Quote exactly and only this range of lines in the data below: the line that holds "import ezdxf" to the line that holds "layer by layer", both included.

Extracted records:
——
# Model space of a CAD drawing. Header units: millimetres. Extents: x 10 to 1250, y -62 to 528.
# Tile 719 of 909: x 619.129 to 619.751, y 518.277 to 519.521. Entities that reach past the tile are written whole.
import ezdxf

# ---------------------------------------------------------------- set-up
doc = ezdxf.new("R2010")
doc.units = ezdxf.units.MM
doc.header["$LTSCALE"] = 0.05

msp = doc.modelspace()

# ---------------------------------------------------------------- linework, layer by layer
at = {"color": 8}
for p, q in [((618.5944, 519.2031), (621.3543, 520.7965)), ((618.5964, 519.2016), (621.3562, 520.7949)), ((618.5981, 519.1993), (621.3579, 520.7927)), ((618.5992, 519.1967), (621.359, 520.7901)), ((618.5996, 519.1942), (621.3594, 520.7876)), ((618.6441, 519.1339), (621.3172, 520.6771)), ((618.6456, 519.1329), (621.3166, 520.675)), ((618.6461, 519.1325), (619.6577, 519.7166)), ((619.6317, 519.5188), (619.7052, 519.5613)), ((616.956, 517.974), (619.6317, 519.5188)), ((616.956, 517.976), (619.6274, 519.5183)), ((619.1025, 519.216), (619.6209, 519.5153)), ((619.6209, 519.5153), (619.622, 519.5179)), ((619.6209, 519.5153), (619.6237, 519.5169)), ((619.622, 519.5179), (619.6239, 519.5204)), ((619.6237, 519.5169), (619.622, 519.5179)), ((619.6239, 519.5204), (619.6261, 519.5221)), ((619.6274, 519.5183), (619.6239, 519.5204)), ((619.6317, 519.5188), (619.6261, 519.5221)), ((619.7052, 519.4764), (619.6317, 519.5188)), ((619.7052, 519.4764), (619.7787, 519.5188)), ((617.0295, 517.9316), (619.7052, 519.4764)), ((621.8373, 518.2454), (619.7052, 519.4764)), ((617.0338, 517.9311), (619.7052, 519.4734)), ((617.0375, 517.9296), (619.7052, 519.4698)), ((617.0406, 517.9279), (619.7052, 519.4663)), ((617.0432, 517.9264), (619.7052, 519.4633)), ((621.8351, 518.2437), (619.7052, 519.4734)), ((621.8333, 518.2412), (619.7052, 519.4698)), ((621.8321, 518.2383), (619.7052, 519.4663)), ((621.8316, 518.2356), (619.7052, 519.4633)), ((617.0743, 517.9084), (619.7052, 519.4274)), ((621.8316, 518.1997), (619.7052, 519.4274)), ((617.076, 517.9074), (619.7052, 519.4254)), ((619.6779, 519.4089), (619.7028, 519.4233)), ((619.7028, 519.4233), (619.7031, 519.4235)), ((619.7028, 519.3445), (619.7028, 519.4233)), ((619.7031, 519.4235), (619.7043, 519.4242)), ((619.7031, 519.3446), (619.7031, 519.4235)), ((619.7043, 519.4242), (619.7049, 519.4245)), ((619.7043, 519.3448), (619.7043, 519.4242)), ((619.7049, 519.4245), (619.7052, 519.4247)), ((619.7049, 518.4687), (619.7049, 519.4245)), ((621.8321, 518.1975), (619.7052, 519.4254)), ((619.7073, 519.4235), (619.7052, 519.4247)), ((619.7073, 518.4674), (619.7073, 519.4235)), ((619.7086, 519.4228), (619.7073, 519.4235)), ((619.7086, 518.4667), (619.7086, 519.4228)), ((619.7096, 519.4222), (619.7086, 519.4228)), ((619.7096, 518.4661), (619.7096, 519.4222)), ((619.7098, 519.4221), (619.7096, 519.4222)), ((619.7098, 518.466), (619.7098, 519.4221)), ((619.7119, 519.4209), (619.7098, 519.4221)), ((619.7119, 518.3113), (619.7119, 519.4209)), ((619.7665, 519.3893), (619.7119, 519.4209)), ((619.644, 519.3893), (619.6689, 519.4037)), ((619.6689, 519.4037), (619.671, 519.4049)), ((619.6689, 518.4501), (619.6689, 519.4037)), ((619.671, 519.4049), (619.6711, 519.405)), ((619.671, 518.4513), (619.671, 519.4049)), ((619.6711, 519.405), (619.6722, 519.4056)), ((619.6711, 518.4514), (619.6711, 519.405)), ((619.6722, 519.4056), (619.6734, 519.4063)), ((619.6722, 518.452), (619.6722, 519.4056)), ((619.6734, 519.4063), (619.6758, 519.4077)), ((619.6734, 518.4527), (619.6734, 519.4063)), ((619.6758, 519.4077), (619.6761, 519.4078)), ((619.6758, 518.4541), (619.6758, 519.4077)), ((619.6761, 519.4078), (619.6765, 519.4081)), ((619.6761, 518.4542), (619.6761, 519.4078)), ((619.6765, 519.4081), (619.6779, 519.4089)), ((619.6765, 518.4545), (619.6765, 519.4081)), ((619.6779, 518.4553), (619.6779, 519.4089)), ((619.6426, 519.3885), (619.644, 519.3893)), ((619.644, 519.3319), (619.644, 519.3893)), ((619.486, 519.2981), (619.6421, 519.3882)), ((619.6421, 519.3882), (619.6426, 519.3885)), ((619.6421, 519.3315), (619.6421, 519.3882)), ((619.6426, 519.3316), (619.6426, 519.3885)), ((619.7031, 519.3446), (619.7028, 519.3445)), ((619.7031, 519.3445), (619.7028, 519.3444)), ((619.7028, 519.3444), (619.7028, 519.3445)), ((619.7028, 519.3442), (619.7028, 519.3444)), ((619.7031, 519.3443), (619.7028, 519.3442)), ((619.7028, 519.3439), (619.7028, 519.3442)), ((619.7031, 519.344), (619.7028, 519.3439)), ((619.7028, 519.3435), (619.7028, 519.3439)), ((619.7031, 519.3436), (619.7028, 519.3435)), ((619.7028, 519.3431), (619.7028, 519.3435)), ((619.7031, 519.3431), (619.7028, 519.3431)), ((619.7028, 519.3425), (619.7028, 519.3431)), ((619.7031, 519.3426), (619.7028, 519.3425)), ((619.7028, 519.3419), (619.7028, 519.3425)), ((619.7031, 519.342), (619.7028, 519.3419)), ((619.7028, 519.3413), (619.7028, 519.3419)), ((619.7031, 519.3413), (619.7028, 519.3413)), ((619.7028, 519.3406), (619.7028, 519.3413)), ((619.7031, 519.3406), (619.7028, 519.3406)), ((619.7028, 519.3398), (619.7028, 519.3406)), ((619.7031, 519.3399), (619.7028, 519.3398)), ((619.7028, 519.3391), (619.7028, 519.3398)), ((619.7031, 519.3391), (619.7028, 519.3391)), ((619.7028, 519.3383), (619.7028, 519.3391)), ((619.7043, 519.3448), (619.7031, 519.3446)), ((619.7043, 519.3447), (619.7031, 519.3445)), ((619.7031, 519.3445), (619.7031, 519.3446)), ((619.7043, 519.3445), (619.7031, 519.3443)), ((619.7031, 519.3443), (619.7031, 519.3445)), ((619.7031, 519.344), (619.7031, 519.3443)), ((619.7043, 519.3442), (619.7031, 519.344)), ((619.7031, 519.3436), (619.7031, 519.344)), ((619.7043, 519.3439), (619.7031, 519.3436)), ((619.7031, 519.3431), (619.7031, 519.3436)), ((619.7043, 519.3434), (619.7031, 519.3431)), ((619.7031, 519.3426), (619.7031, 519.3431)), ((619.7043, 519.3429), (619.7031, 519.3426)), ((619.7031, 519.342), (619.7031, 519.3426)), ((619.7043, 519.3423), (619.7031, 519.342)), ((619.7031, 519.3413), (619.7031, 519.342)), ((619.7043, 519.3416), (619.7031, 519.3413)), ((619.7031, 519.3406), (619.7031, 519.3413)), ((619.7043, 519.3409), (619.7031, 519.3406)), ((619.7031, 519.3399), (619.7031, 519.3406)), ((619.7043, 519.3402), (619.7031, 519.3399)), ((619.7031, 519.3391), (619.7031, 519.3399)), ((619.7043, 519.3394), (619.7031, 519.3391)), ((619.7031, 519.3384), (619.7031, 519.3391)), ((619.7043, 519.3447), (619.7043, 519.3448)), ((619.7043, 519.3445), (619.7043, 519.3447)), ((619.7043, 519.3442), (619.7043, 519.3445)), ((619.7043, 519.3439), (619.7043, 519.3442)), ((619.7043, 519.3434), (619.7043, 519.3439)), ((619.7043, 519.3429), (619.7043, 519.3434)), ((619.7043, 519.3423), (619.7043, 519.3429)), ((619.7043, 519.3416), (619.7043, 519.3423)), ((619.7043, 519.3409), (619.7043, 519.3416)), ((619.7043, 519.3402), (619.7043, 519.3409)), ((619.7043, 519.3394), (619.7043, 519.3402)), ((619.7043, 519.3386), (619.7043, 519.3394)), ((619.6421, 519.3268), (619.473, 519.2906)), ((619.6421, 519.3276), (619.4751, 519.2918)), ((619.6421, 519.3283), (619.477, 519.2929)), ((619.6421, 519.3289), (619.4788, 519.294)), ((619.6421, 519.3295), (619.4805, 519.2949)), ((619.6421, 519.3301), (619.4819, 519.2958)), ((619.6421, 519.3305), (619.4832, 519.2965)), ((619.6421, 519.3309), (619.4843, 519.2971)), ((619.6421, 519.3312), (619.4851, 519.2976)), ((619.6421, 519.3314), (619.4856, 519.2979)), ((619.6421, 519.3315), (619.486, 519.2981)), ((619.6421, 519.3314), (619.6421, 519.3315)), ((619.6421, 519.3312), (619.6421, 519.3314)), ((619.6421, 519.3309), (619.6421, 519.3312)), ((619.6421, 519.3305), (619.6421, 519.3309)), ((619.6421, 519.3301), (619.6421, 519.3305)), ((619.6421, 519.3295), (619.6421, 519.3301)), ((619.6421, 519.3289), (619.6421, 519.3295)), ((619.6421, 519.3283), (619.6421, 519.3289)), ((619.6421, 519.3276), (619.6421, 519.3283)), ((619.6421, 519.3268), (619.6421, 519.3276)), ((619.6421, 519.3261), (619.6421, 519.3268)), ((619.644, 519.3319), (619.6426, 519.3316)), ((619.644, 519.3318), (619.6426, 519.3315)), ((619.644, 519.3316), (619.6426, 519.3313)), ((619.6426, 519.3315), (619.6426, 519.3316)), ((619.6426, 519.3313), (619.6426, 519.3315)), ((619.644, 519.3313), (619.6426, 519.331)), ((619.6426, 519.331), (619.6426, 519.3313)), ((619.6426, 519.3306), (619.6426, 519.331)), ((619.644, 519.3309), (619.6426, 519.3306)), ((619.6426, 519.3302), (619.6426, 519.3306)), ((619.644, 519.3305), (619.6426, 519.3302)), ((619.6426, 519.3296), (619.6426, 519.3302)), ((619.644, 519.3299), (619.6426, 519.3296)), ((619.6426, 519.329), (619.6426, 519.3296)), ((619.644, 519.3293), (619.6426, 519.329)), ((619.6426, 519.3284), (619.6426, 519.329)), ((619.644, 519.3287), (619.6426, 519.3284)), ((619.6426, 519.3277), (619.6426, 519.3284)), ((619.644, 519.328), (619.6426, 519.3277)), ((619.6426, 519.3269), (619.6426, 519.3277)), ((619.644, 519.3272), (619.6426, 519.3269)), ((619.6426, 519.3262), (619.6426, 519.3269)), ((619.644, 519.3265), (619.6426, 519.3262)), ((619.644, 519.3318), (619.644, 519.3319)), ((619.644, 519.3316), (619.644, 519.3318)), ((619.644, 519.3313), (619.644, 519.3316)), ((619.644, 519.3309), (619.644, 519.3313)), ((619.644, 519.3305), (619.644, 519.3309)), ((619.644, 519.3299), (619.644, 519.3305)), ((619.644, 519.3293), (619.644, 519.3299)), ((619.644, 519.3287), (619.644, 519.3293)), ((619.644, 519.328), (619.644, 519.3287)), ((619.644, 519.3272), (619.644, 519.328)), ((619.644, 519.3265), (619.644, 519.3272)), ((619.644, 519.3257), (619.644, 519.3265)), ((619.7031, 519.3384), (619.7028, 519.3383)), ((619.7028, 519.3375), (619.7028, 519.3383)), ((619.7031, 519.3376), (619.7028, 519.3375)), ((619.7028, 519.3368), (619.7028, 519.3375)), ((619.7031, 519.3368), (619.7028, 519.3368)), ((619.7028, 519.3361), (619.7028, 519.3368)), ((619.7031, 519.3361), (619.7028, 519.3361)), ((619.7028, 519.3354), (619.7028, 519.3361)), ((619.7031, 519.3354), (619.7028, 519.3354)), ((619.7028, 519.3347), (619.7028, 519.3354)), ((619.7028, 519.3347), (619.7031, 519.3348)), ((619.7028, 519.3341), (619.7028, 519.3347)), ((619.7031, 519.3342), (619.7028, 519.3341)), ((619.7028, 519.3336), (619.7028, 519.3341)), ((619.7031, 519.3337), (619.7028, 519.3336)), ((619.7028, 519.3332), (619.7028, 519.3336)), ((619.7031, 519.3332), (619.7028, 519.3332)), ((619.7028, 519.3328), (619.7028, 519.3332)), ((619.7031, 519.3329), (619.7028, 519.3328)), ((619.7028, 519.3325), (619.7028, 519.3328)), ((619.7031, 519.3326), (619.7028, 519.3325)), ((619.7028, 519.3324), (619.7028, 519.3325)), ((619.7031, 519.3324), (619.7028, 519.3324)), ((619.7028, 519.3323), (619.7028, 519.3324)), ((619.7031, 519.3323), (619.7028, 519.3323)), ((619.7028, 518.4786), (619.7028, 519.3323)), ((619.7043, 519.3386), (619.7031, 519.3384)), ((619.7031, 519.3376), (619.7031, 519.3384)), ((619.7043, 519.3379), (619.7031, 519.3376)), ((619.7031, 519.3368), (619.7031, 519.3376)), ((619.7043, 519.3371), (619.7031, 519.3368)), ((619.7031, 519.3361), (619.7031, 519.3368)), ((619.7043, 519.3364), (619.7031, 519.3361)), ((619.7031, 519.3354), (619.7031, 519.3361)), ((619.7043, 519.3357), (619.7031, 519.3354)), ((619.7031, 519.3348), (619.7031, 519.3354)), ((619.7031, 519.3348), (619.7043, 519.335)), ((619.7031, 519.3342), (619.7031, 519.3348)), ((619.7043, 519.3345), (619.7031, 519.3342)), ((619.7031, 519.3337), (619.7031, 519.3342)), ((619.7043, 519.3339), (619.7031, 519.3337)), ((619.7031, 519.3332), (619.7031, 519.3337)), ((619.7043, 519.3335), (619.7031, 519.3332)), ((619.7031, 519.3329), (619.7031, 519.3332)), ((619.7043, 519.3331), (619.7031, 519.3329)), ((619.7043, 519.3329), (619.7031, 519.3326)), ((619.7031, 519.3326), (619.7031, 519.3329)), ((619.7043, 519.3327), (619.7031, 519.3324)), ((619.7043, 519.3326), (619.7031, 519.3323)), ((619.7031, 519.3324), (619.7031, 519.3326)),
——
**Solution to the exercise**
import ezdxf

# ---------------------------------------------------------------- set-up
doc = ezdxf.new("R2010")
doc.units = ezdxf.units.MM
doc.header["$LTSCALE"] = 0.05

msp = doc.modelspace()

# ---------------------------------------------------------------- linework, layer by layer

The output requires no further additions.